Please give the count of lines below with the string "save" in them, and no other words.

[Data excerpts]

┌──

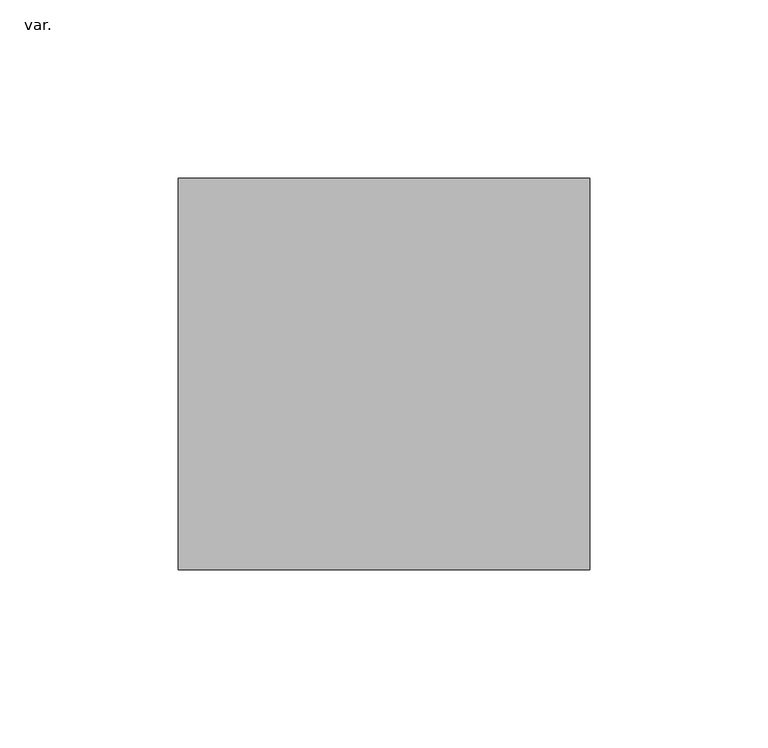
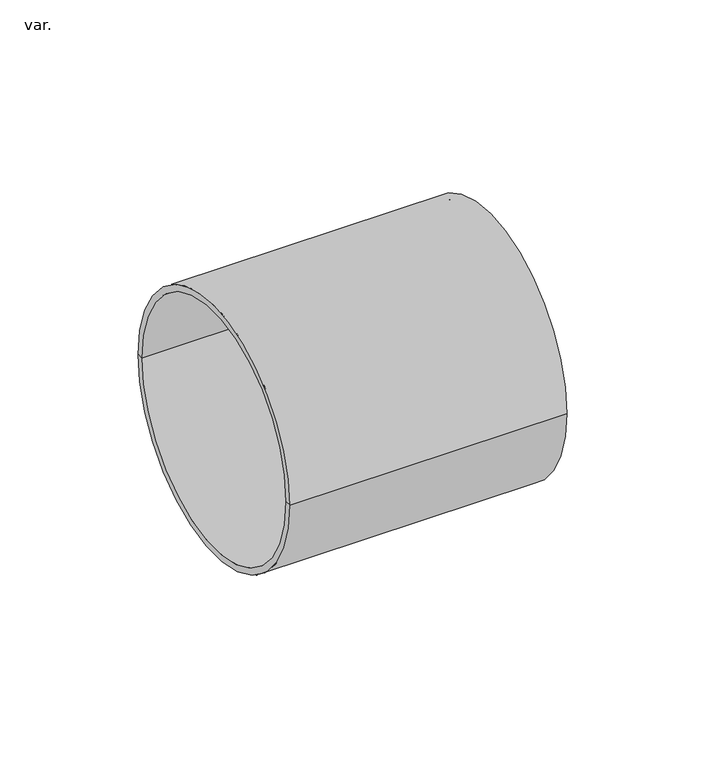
"""IFC4 building model written with IfcOpenShell, lengths in millimetres: pipe fitting geometry, AmancoWavin_Unionesdetubería_SilentiumZNoUsarExtension : var.."""

from ifc_helpers import new_model, si_unit, frame, origin, place, context, project, spatial, polyline, circle_curve, source, transform, mapped, element, save
from ifc_brep_helpers import plane_surface, cylinder_surface, revolved_surface, advanced_brep


def var_a03eb87c(model_context):
    return source(origin(), model_context, "Body", "AdvancedBrep", [
        advanced_brep(
        [(-69.2453589, -55.0, 0.0), (-69.2453589, 55.0, 0.0), (46.4546411, 55.0, 0.0), (46.4546411, -55.0, 0.0), (-69.2453589, -52.3, 0.0), (-69.2453589, 52.3, 0.0), (46.4546411, -52.3, 0.0), (46.4546411, 52.3, 0.0)],
        [
            (0, 1, circle_curve(frame((-69.2453589, 0.0, 0.0), z_axis=(1.0, 0.0, 0.0), x_axis=(0.0, 1.0, 0.0)), 55.0)),
            (1, 2),
            (2, 3, circle_curve(frame((46.4546411, 0.0, 0.0), z_axis=(-1.0, 0.0, 0.0), x_axis=(0.0, 1.0, 0.0)), 55.0)),
            (3, 0),
            (1, 0, circle_curve(frame((-69.2453589, 0.0, 0.0), z_axis=(1.0, 0.0, 0.0), x_axis=(0.0, 1.0, 0.0)), 55.0)),
            (3, 2, circle_curve(frame((46.4546411, 0.0, 0.0), z_axis=(-1.0, 0.0, 0.0), x_axis=(0.0, 1.0, 0.0)), 55.0)),
            (4, 5, circle_curve(frame((-69.2453589, 0.0, 0.0), z_axis=(1.0, 0.0, 0.0), x_axis=(0.0, 1.0, 0.0)), 52.3)),
            (5, 1),
            (0, 4),
            (5, 4, circle_curve(frame((-69.2453589, 0.0, 0.0), z_axis=(1.0, 0.0, 0.0), x_axis=(0.0, 1.0, 0.0)), 52.3)),
            (6, 7, circle_curve(frame((46.4546411, 0.0, 0.0), z_axis=(1.0, 0.0, 0.0), x_axis=(0.0, 1.0, 0.0)), 52.3)),
            (7, 5),
            (4, 6),
            (7, 6, circle_curve(frame((46.4546411, 0.0, 0.0), z_axis=(1.0, 0.0, 0.0), x_axis=(0.0, 1.0, 0.0)), 52.3)),
            (2, 7),
            (6, 3),
        ],
        [
            cylinder_surface(frame((-2070.4026442, 0.0, 0.0), z_axis=(-1.0, 0.0, 0.0), x_axis=(0.0, 1.0, 0.0)), 55.0),
            plane_surface(frame((-69.2453589, 0.0, 0.0), z_axis=(-1.0, 0.0, 0.0), x_axis=(0.0, 1.0, 0.0))),
            revolved_surface(polyline([(-69.24535889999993, 52.3, 0.0), (46.45464110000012, 52.3, 0.0)]), (-2070.4026442, 0.0, 0.0), (-1.0, 0.0, 0.0)),
            plane_surface(frame((46.4546411, 0.0, 0.0), z_axis=(1.0, 0.0, 0.0), x_axis=(0.0, 1.0, 0.0))),
        ],
        [
            (0, [[1, 2, 3, 4]]),
            (0, [[5, -4, 6, -2]]),
            (1, [[7, 8, -1, 9]]),
            (1, [[10, -9, -5, -8]]),
            (2, [[11, 12, -7, 13]]),
            (2, [[14, -13, -10, -12]]),
            (3, [[-3, 15, -11, 16]]),
            (3, [[-6, -16, -14, -15]]),
        ],
    ),
    ])


if __name__ == "__main__":
    model = new_model("IFC4")
    model_context = context("Model", 3, world=origin())
    ifc_project = project(units=[si_unit("LENGTHUNIT", "METRE", prefix="MILLI")], contexts=[model_context])
    site = spatial("IfcSite", under=ifc_project)
    building = spatial("IfcBuilding", under=site)
    placement = place(None, origin())
    var_shape = var_a03eb87c(model_context)
    element("IfcPipeFitting", 1, ObjectType="AmancoWavin_Unionesdetubería_SilentiumZNoUsarExtension : var.", at=placement, inside=building, context=model_context, shape_type="MappedRepresentation", body=[
        mapped(var_shape, transform((0.0, 0.0, 0.0), x_axis=(1.0, 0.0, 0.0), y_axis=(0.0, 1.0, 0.0), z_axis=(0.0, 0.0, 1.0))),
    ])
    save(model, "model.ifc")

└──

Result:
2